In sum, the Committee recommended that the following medicines be added to the core section of the Model List:
- the nucleoside reverse transcriptase inhibitors, zidovudine (ZDV or AZT), lamivudine (3TC), stavudine (d4T), didanosine (ddI) and abacavir (ABC);
- the non-nucleoside reverse transcriptase inhibitors, nevirapine (NVP) and efavirenz (EFV or EFZ);
- the protease inhibitors, nelfinavir (NFV), indinavir (IDV), lopinavir/low-dose ritonavir (LPV/r), ritonavir(r) and saquinavir (SQV).
The Committee also requested that the following notes be added to the Model List:
The antiretroviral medicines do not cure the HIV infection, they only temporarily suppress viral replication and improve symptoms. They have various adverse effects and patients receiving these medicines require careful monitoring by adequately trained health professionals. For these reasons, continued rigorous promotion of measures to prevent new infections is essential and the need for this has not been diminished in any way by the addition of antiretroviral medicines to the Model List. Adequate resources and trained health professionals are a prerequisite for the introduction of this class of medicines. Effective therapy requires commencement of three or four medicines simultaneously, and alternative regimens are necessary to meet specific requirements at start-up, to substitute for first-line regimens in the case of toxicity, or to replace failing regimens. The Committee strongly recommends the use of three- or four-medicine combinations as specifically recommended in the WHO clinical guidelines (18). The use of fixed-dose preparations for these combinations is also recommended, with assured pharmaceutical quality and interchangeability with the single products as approved by the relevant drug regulatory authority.

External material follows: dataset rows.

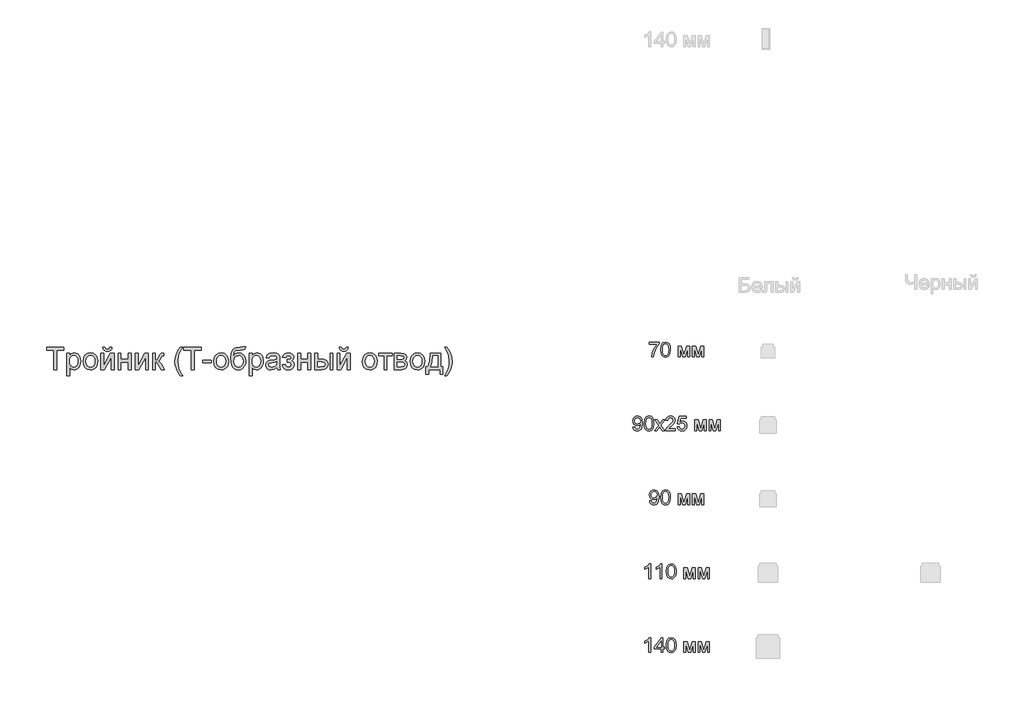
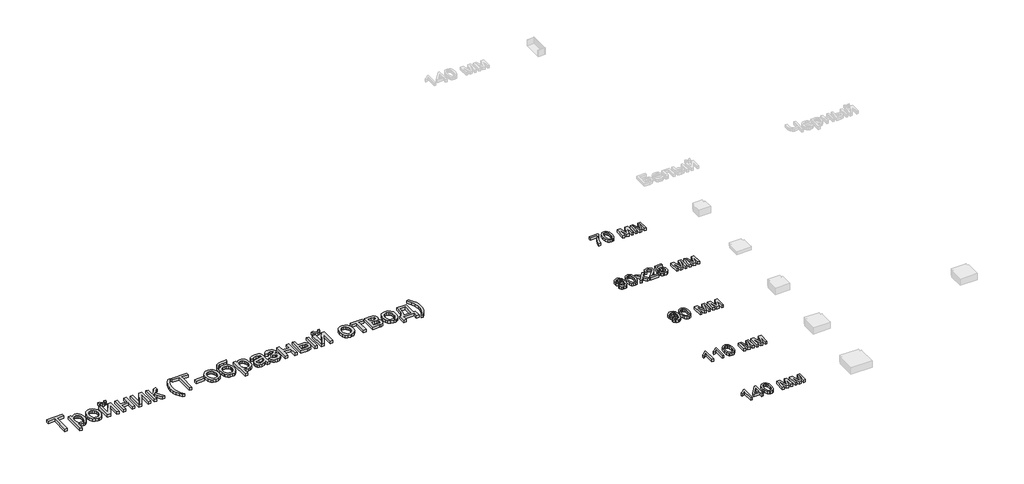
# One storey, part 8 of 48: 6 proxies.
"""IFC4 building model written with IfcOpenShell, lengths in millimetres."""

from ifc_helpers import new_model, si_unit, origin, origin_with_axes, place, context, project, spatial, polyline, outline, extrude, element, save

model = new_model("IFC4")

# Units and contexts
model_context = context("Model", 3, world=origin())
ifc_project = project(units=[si_unit("LENGTHUNIT", "METRE", prefix="MILLI")], contexts=[model_context])

# Site, building, storey
site = spatial("IfcSite", under=ifc_project)
building = spatial("IfcBuilding", under=site)
storey = spatial("IfcBuildingStorey", under=building, Name="Этаж 01", Elevation=0.0)

# Proxies
placement = place(None, origin())
element("IfcBuildingElementProxy", 1, Name="150 мм Arial", ObjectType="150 мм Arial", at=placement, inside=storey, context=model_context, shape_type="SweptSolid", body=[
    extrude(outline(polyline([(8172.5141681, -21751.7435087), (8172.5141681, -21619.8946017), (8123.070828, -21619.8946017), (8123.070828, -21601.0590435), (8240.7930664, -21601.0590435), (8240.7930664, -21619.8946017), (8191.3497263, -21619.8946017), (8191.3497263, -21751.7435087), (8172.5141681, -21751.7435087)])), origin_with_axes(), (0.0, 0.0, 1.0), 20.0),
    extrude(outline(polyline([(8259.6286246, -21794.1235146), (8259.6286246, -21641.0846046), (8278.4641827, -21641.0846046), (8278.4641827, -21659.5522807), (8291.4872054, -21643.93569), (8309.0719647, -21638.7301598), (8321.8098788, -21640.5511757), (8332.9475062, -21646.0142233), (8342.0157974, -21654.7882089), (8348.5457028, -21666.5420386), (8353.8064153, -21695.5679281), (8352.3210918, -21711.6765609), (8347.8651211, -21726.0837396), (8340.5810576, -21738.0582985), (8330.6114555, -21746.8690723), (8319.0001801, -21752.2907332), (8306.7910964, -21754.0979535), (8290.4019535, -21749.2603053), (8278.4641827, -21737.0282289), (8278.4641827, -21794.1235146), (8259.6286246, -21794.1235146)]), holes=[polyline([(8278.4641827, -21697.2969734), (8280.5013293, -21714.182757), (8286.6127689, -21725.9917691), (8295.6304763, -21732.9447388), (8306.3864262, -21735.2623953), (8317.3171199, -21732.8619653), (8326.5647536, -21725.6606753), (8332.8693313, -21713.4194019), (8334.9708572, -21695.8990219), (8332.9199151, -21679.1052088), (8326.7670887, -21667.1306498), (8317.7631769, -21659.9569509), (8307.1589784, -21657.565718), (8296.5133931, -21660.1087023), (8287.1645919, -21667.7376551), (8280.639285, -21680.2134533), (8278.4641827, -21697.2969734)])]), origin_with_axes(), (0.0, 0.0, 1.0), 20.0),
    extrude(outline(polyline([(8370.2875287, -21696.4140566), (8374.3618218, -21669.7334149), (8386.5847011, -21650.9806302), (8401.686257, -21641.7927774), (8419.7676571, -21638.7301598), (8439.5551099, -21642.4595635), (8455.3602401, -21653.6477747), (8465.7207168, -21671.4118766), (8469.174209, -21694.8689523), (8467.6474987, -21713.8976485), (8463.0673679, -21728.383002), (8455.5671737, -21739.2309224), (8445.2802734, -21747.3473189), (8433.0619927, -21752.4102948), (8419.7676571, -21754.0979535), (8399.741081, -21750.3823453), (8383.9543448, -21739.2355209), (8373.7042328, -21721.0989385), (8370.2875287, -21696.4140566)]), holes=[polyline([(8389.1230869, -21696.3772685), (8391.3027877, -21713.4240004), (8397.8418902, -21725.5687048), (8407.6827335, -21732.8389727), (8419.7676571, -21735.2623953), (8431.7973983, -21732.8251771), (8441.6198476, -21725.5135225), (8448.1589501, -21713.2078697), (8450.3386509, -21695.7886573), (8448.1451545, -21679.238566), (8441.5646653, -21667.2594085), (8431.7284204, -21659.9891406), (8419.7676571, -21657.565718), (8407.6827335, -21659.9799436), (8397.8418902, -21667.2226203), (8391.3027877, -21679.3397335), (8389.1230869, -21696.3772685)])]), origin_with_axes(), (0.0, 0.0, 1.0), 20.0),
    extrude(outline(polyline([(8551.5797759, -21601.0590435), (8565.7064446, -21601.0590435), (8562.6668196, -21613.1209744), (8556.564577, -21622.0099231), (8547.6756283, -21627.4867663), (8536.2758849, -21629.3123807), (8523.9058529, -21627.5005619), (8514.3133298, -21622.0651054), (8507.7558333, -21613.1899523), (8504.4908806, -21601.0590435), (8518.6175492, -21601.0590435), (8523.9150499, -21611.6724391), (8534.5836278, -21615.1857121), (8546.2822752, -21611.7828037), (8551.5797759, -21601.0590435)])), origin_with_axes(), (0.0, 0.0, 1.0), 20.0),
    extrude(outline(polyline([(8490.3642119, -21641.0846046), (8509.1997701, -21641.0846046), (8509.1997701, -21725.4767343), (8555.4793251, -21641.0846046), (8579.8331132, -21641.0846046), (8579.8331132, -21751.7435087), (8560.997555, -21751.7435087), (8560.997555, -21667.8664138), (8515.0123056, -21751.7435087), (8490.3642119, -21751.7435087), (8490.3642119, -21641.0846046)])), origin_with_axes(), (0.0, 0.0, 1.0), 20.0),
    extrude(outline(polyline([(8608.0864504, -21641.0846046), (8626.9220086, -21641.0846046), (8626.9220086, -21683.4646104), (8676.3653487, -21683.4646104), (8676.3653487, -21641.0846046), (8695.2009069, -21641.0846046), (8695.2009069, -21751.7435087), (8676.3653487, -21751.7435087), (8676.3653487, -21702.3001686), (8626.9220086, -21702.3001686), (8626.9220086, -21751.7435087), (8608.0864504, -21751.7435087), (8608.0864504, -21641.0846046)])), origin_with_axes(), (0.0, 0.0, 1.0), 20.0),
    extrude(outline(polyline([(8723.4542441, -21641.0846046), (8742.2898022, -21641.0846046), (8742.2898022, -21725.4767343), (8788.5693572, -21641.0846046), (8812.9231453, -21641.0846046), (8812.9231453, -21751.7435087), (8794.0875872, -21751.7435087), (8794.0875872, -21667.8664138), (8748.1023378, -21751.7435087), (8723.4542441, -21751.7435087), (8723.4542441, -21641.0846046)])), origin_with_axes(), (0.0, 0.0, 1.0), 20.0),
    extrude(outline(polyline([(8841.1764825, -21641.0846046), (8860.0120407, -21641.0846046), (8860.0120407, -21688.1735), (8872.6303931, -21684.7889856), (8882.9678772, -21665.0705107), (8891.5579218, -21648.0559684), (8899.1362909, -21642.5193444), (8912.9134716, -21641.0846046), (8916.5187152, -21641.0846046), (8916.5187152, -21660.0305273), (8911.4419436, -21659.9201627), (8902.2448937, -21661.9067255), (8895.7701706, -21674.3043487), (8888.1734074, -21687.7136475), (8877.5232237, -21694.2803411), (8889.4058121, -21701.6103898), (8901.0676714, -21717.0522366), (8921.2276047, -21751.7435087), (8899.8168726, -21751.7435087), (8880.0616094, -21717.7880006), (8870.1287956, -21703.4222087), (8860.0120407, -21699.9457238), (8860.0120407, -21751.7435087), (8841.1764825, -21751.7435087), (8841.1764825, -21641.0846046)])), origin_with_axes(), (0.0, 0.0, 1.0), 20.0),
    extrude(outline(polyline([(9029.5320641, -21794.1235146), (9014.9363459, -21773.6416845), (9002.787043, -21749.9408869), (8994.5924716, -21724.1707532), (8991.8609478, -21697.4809144), (8993.9026928, -21674.0744225), (9000.0279281, -21651.679606), (9012.186428, -21626.3141425), (9029.5320641, -21601.0590435), (9043.6587327, -21601.0590435), (9026.0371851, -21630.8942733), (9015.4421837, -21659.8097981), (9010.6965059, -21697.591279), (9012.7566451, -21721.7381335), (9018.9370626, -21745.8757909), (9029.2377585, -21770.0042513), (9043.6587327, -21794.1235146), (9029.5320641, -21794.1235146)])), origin_with_axes(), (0.0, 0.0, 1.0), 20.0),
    extrude(outline(polyline([(9102.5198519, -21751.7435087), (9102.5198519, -21619.8946017), (9053.0765118, -21619.8946017), (9053.0765118, -21601.0590435), (9170.7987502, -21601.0590435), (9170.7987502, -21619.8946017), (9121.3554101, -21619.8946017), (9121.3554101, -21751.7435087), (9102.5198519, -21751.7435087)])), origin_with_axes(), (0.0, 0.0, 1.0), 20.0),
    extrude(outline(polyline([(9180.2165293, -21707.0090581), (9180.2165293, -21688.1735), (9239.0776485, -21688.1735), (9239.0776485, -21707.0090581), (9180.2165293, -21707.0090581)])), origin_with_axes(), (0.0, 0.0, 1.0), 20.0),
    extrude(outline(polyline([(9255.5587619, -21696.4140566), (9259.633055, -21669.7334149), (9271.8559343, -21650.9806302), (9286.9574902, -21641.7927774), (9305.0388903, -21638.7301598), (9324.8263431, -21642.4595635), (9340.6314733, -21653.6477747), (9350.99195, -21671.4118766), (9354.4454422, -21694.8689523), (9352.9187319, -21713.8976485), (9348.3386011, -21728.383002), (9340.8384069, -21739.2309224), (9330.5515066, -21747.3473189), (9318.3332259, -21752.4102948), (9305.0388903, -21754.0979535), (9285.0123142, -21750.3823453), (9269.225578, -21739.2355209), (9258.9754659, -21721.0989385), (9255.5587619, -21696.4140566)]), holes=[polyline([(9274.3943201, -21696.3772685), (9276.5740209, -21713.4240004), (9283.1131234, -21725.5687048), (9292.9539667, -21732.8389727), (9305.0388903, -21735.2623953), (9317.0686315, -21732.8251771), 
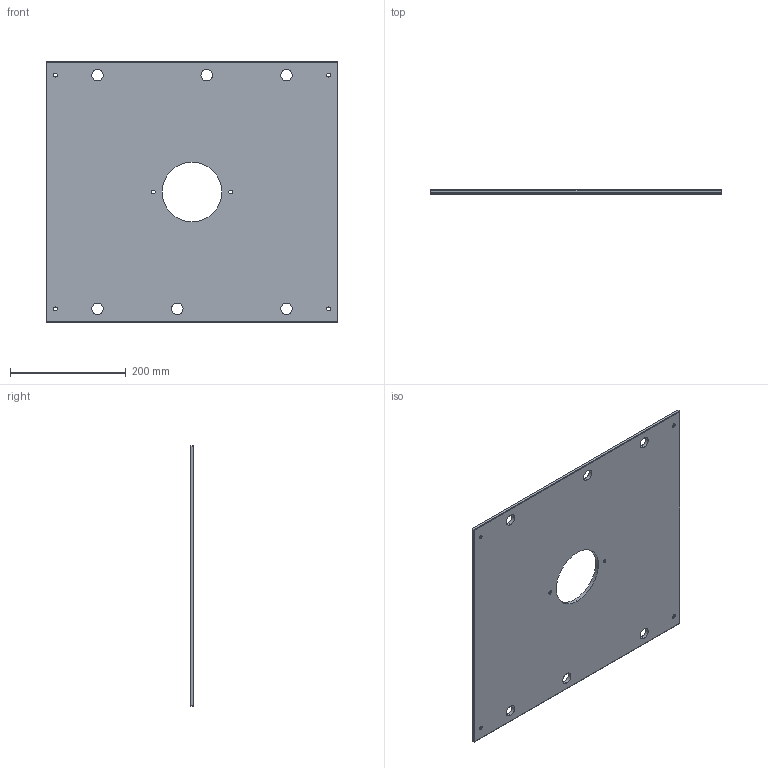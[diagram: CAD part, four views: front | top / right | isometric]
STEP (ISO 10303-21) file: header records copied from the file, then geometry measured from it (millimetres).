
FILE_DESCRIPTION (( 'STEP AP214' ), '1' );
FILE_NAME ('ME-0619-CH-1820-B.STEP', '2020-02-11T17:52:54', ( '' ), ( '' ), 'SwSTEP 2.0', 'SolidWorks 2018', '' );
FILE_SCHEMA (( 'AUTOMOTIVE_DESIGN' ));
Length unit declared in the file: inch
Products named in the file (1): ME-0619-CH-1820-B
Bounding box: 504.82 x 6.35 x 450.85 mm (x, y, z)
Volume: 1374564 mm3; surface area: 448705 mm2
Topology: 1 solids, 1 shells, 64 faces, 150 edges, 88 vertices
Faces by surface type: cylinder 26, plane 26, cone 12
Entity records: 1902 total; most frequent: DIRECTION 344, CARTESIAN_POINT 303, ORIENTED_EDGE 300, EDGE_CURVE 150, AXIS2_PLACEMENT_3D 129, EDGE_LOOP 90, VERTEX_POINT 88, LINE 86
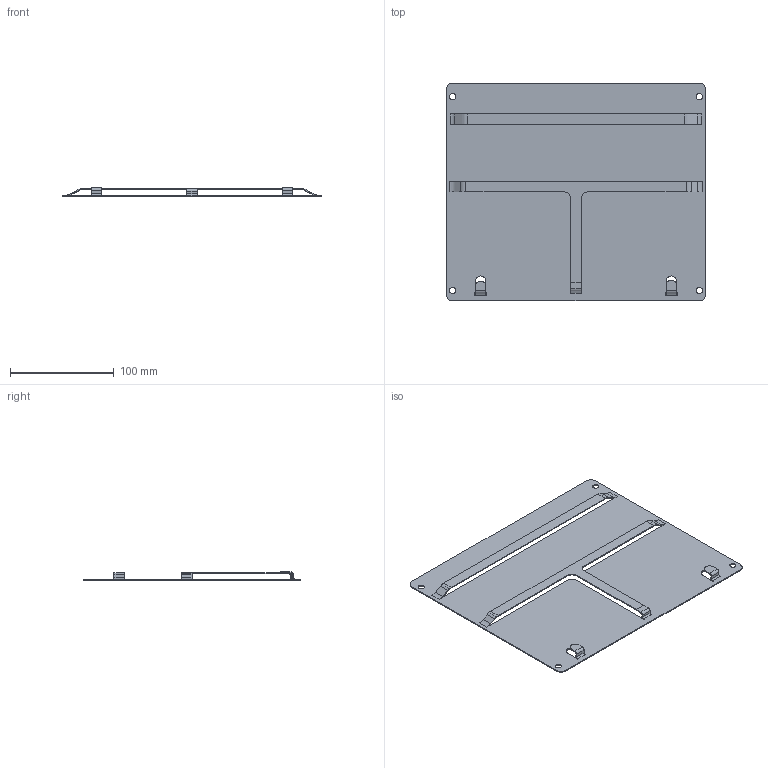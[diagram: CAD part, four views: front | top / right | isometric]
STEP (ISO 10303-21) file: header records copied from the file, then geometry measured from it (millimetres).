
FILE_DESCRIPTION (( 'STEP AP203' ), '1' );
FILE_NAME ('PORTA_DOCUMENTI.STEP', '2019-02-20T19:30:03', ( '' ), ( '' ), 'SwSTEP 2.0', 'SolidWorks 2019', '' );
FILE_SCHEMA (( 'CONFIG_CONTROL_DESIGN' ));
Length unit declared in the file: millimetre
Products named in the file (1): PORTA_DOCUMENTI
Bounding box: 250 x 210 x 8 mm (x, y, z)
Volume: 52503.2 mm3; surface area: 108410.6 mm2
Topology: 1 solids, 1 shells, 144 faces, 380 edges, 236 vertices
Faces by surface type: plane 102, cylinder 38, bspline 4
Entity records: 4581 total; most frequent: CARTESIAN_POINT 917, ORIENTED_EDGE 760, DIRECTION 722, EDGE_CURVE 380, LINE 288, VECTOR 288, VERTEX_POINT 236, AXIS2_PLACEMENT_3D 217
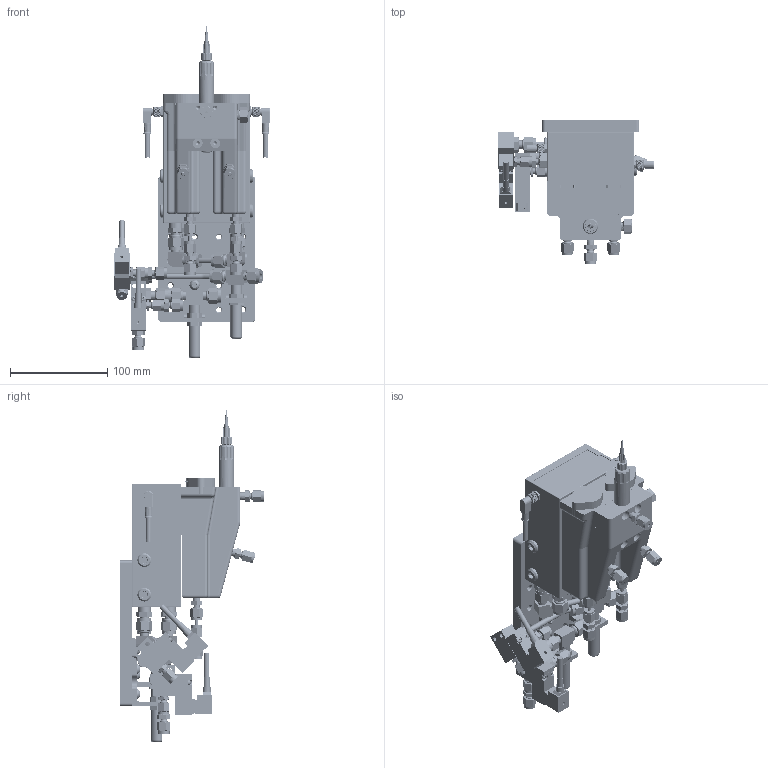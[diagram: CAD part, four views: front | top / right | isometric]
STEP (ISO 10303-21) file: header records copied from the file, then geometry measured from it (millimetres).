
FILE_DESCRIPTION (( 'STEP AP214' ), '1' );
FILE_NAME ('IDS dual material subsystem printhead 900091C defeatured.STEP', '2023-07-11T17:22:40', ( '' ), ( '' ), 'SwSTEP 2.0', 'SolidWorks 2023', '' );
FILE_SCHEMA (( 'AUTOMOTIVE_DESIGN' ));
Length unit declared in the file: millimetre
Products named in the file (1): IDS dual material subsystem printhead 900091C defeatured
Bounding box: 160.16 x 149.07 x 342.02 mm (x, y, z)
Volume: 1318253.6 mm3; surface area: 244159.3 mm2
Topology: 61 solids, 98 shells, 7284 faces, 16436 edges, 9553 vertices
Faces by surface type: bspline 3211, cylinder 1670, plane 1260, cone 1075, sphere 50, torus 18
Full cylindrical faces by diameter (mm): 0.23 x1, 1 x6, 1.2 x6, 1.422 x4, 1.753 x2, 1.778 x4, 1.985 x3, 2 x3, 2.007 x6, 2.286 x6, 2.5 x8, 2.578 x2, 2.705 x1, 3 x6, 3.048 x2, 3.175 x10, 3.3 x4, 3.302 x4, 3.861 x8, 4 x2, 4.039 x5, 4.2 x7, 4.216 x3, 4.222 x1, 4.318 x2, 4.366 x12, 4.5 x2, 4.693 x4, 4.801 x2, 4.826 x18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
Entity records: 259011 total; most frequent: CARTESIAN_POINT 139384, ORIENTED_EDGE 31144, DIRECTION 16410, EDGE_CURVE 15572, VERTEX_POINT 9303, EDGE_LOOP 8295, FACE_OUTER_BOUND 7655, ADVANCED_FACE 7280

Selection of two or three protease inhibitors from the Model List will need to be determined by each country after consideration of local clinical guidelines and experience, as well as the comparative costs of available products. Ritonavir is recommended for use in combination with indinavir, lopinavir and saquinavir as a booster, and not as a medicine in its own right.
It was noted that the current WHO ARV guidelines recommend the use of the total lymphocyte count as a surrogate for a CD4 count only for HIV-infected individuals who were, or had been, symptomatic (18). It was requested that the permanent copies of the submissions for the ARV medicines be amended to reflect this.